> **WHAT THE TASK ASKS**
Once the pictures are removed, output the remaining entries exactly as given.

(Dataset records)
========================================

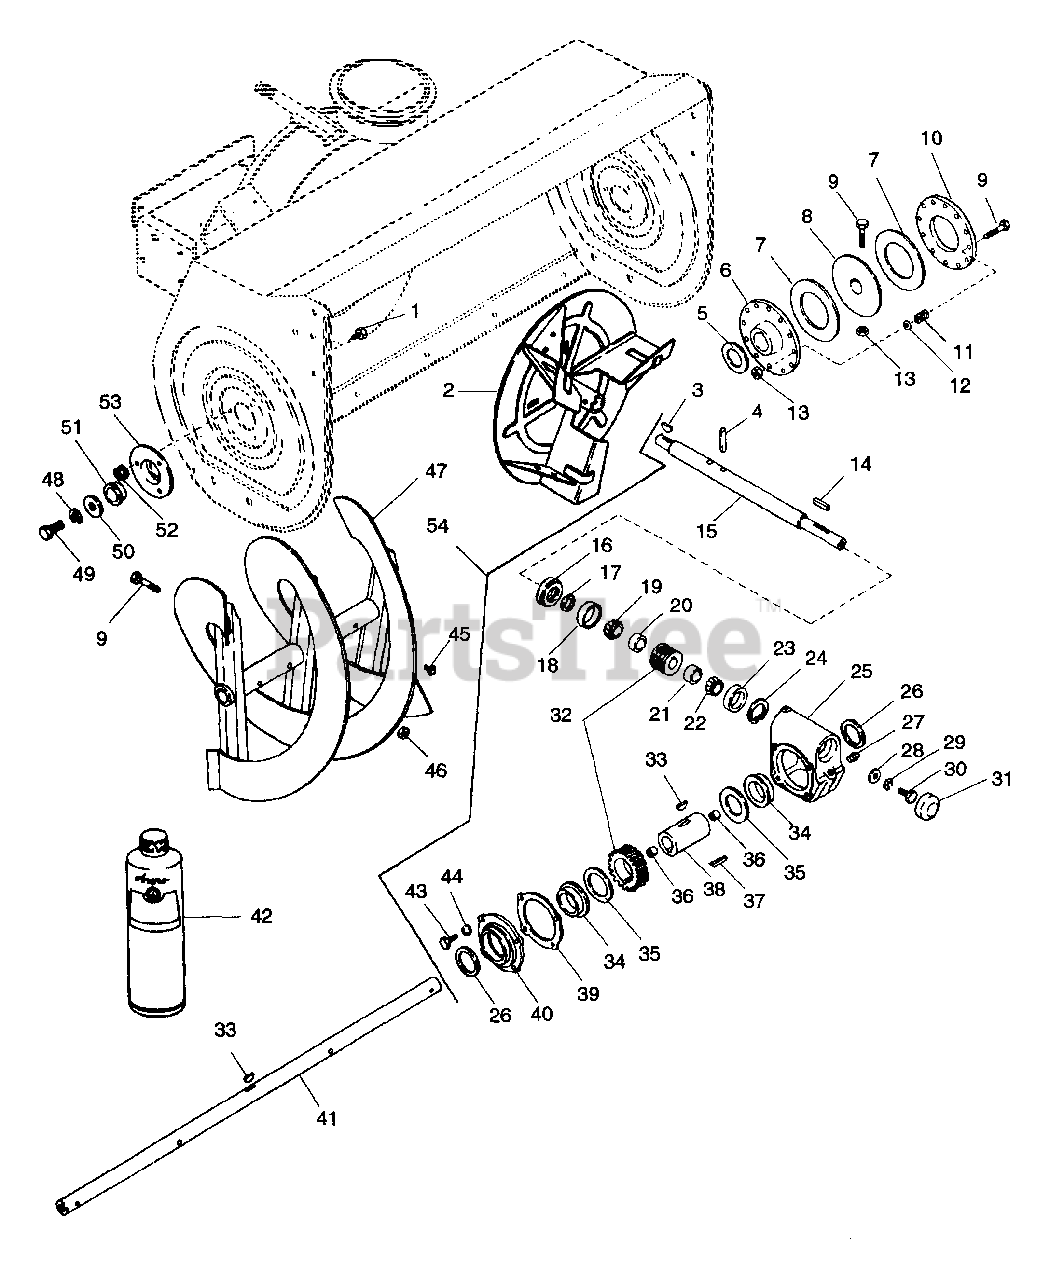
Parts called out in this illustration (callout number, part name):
1	BLT-SERNK SL .25-20X.50 PL
2	FAN 16 INCH
3	KEY-WDRF .188X.875X.375 SAE11
4	PIN-ROLL .313X1.75
5	WSHR-FL-NYL 1.625X2.500X.060
7	FRICTION DISC
8	DRIVEN PLATE
9	BLT-HEX .31-18X2.00 PL GR5
10	PRESSURE PLATE
11	SG-COMP .156X.665X.75
12	WSHR-FL-STL .323X.625X.062 PL
13	NUT-LK-TOP .312-18 GR C PL
14	KEY-SQ .188X1.0X.188 SAE 8630
15	SHFT,WORM
16	ADJUSTMENT PLUG
17	SEAL 1.125X1.375X.125
18	BRG-CUP1.980X.420
19	BRG-CONE 1.0X.58
20	BEARING SPACER 1.032X1.25X1.78
21	BSHG, SPCR .755X1.12X.50 PM
22	BRG-CONE .750X.61
23	BRG-CUP 1.781X.475
24	RG-RTNG-INT 1.781X.062
25	GEAR CASE - CAST IRON
26	SEAL 1.625X2.125X.250
27	PIPE PLUG
28	WSHR-FL-STL .328X1.0X.094 PL
29	WSHR-LK .312X.097 PL HVY
30	BLT-HEX .31-18X.75 PL GR2
31	DUST CAP
32	WORM & GEAR SERVICE ASSEMBLY
33	KEY-FTHR .25X.875X.25 SAE 8630
34	BSHG-FLG .683X1.87X1.68X2.250
35	WSHR-FL-STL 1.625X2.500X.012
36	BSHG-SLV 1.125X1.250X1.000
37	KEY-SQ .25X.625X.375
38	GEAR CASE SHAFT
40	GEAR CASE COVER
41	40 INCH RAKE SHAFT
42	ARIENS 16 OZ.BOTTLE OF L2 LUBE
43	BLT-HEX .25-20X.75 PL GR2
44	WSHR-LK-EXT. 250 ID
45	FTG-LUBE .25-28X.256 YWZC
46	NUT-LK .312-18 GR A PL
47	RAKE, LEFT-40"(1.12ID X 15.75)
47	RAKE, RIGHT-40(1.12ID X 15.75)
48	WSHR-LK .500X.151 HVY PL
49	BLT-HEX .50-13X1.00 PL GR2
50	WSHR-FL-STL .511X1.441X.125 PL
51	BSHG-FLG 1.000X1.12X.62X1.50BR
52	NUT-LK-FLG .250-20 PL
53	BEARING SUPPORT
54	GEAR CASE -16" IMPELLER - C.I.

========================================

> **SOLVED EXERCISE**
Parts called out in this illustration (callout number, part name):
1	BLT-SERNK SL .25-20X.50 PL
2	FAN 16 INCH
3	KEY-WDRF .188X.875X.375 SAE11
4	PIN-ROLL .313X1.75
5	WSHR-FL-NYL 1.625X2.500X.060
7	FRICTION DISC
8	DRIVEN PLATE
9	BLT-HEX .31-18X2.00 PL GR5
10	PRESSURE PLATE
11	SG-COMP .156X.665X.75
12	WSHR-FL-STL .323X.625X.062 PL
13	NUT-LK-TOP .312-18 GR C PL
14	KEY-SQ .188X1.0X.188 SAE 8630
15	SHFT,WORM
16	ADJUSTMENT PLUG
17	SEAL 1.125X1.375X.125
18	BRG-CUP1.980X.420
19	BRG-CONE 1.0X.58
20	BEARING SPACER 1.032X1.25X1.78
21	BSHG, SPCR .755X1.12X.50 PM
22	BRG-CONE .750X.61
23	BRG-CUP 1.781X.475
24	RG-RTNG-INT 1.781X.062
25	GEAR CASE - CAST IRON
26	SEAL 1.625X2.125X.250
27	PIPE PLUG
28	WSHR-FL-STL .328X1.0X.094 PL
29	WSHR-LK .312X.097 PL HVY
30	BLT-HEX .31-18X.75 PL GR2
31	DUST CAP
32	WORM & GEAR SERVICE ASSEMBLY
33	KEY-FTHR .25X.875X.25 SAE 8630
34	BSHG-FLG .683X1.87X1.68X2.250
35	WSHR-FL-STL 1.625X2.500X.012
36	BSHG-SLV 1.125X1.250X1.000
37	KEY-SQ .25X.625X.375
38	GEAR CASE SHAFT
40	GEAR CASE COVER
41	40 INCH RAKE SHAFT
42	ARIENS 16 OZ.BOTTLE OF L2 LUBE
43	BLT-HEX .25-20X.75 PL GR2
44	WSHR-LK-EXT. 250 ID
45	FTG-LUBE .25-28X.256 YWZC
46	NUT-LK .312-18 GR A PL
47	RAKE, LEFT-40"(1.12ID X 15.75)
47	RAKE, RIGHT-40(1.12ID X 15.75)
48	WSHR-LK .500X.151 HVY PL
49	BLT-HEX .50-13X1.00 PL GR2
50	WSHR-FL-STL .511X1.441X.125 PL
51	BSHG-FLG 1.000X1.12X.62X1.50BR
52	NUT-LK-FLG .250-20 PL
53	BEARING SUPPORT
54	GEAR CASE -16" IMPELLER - C.I.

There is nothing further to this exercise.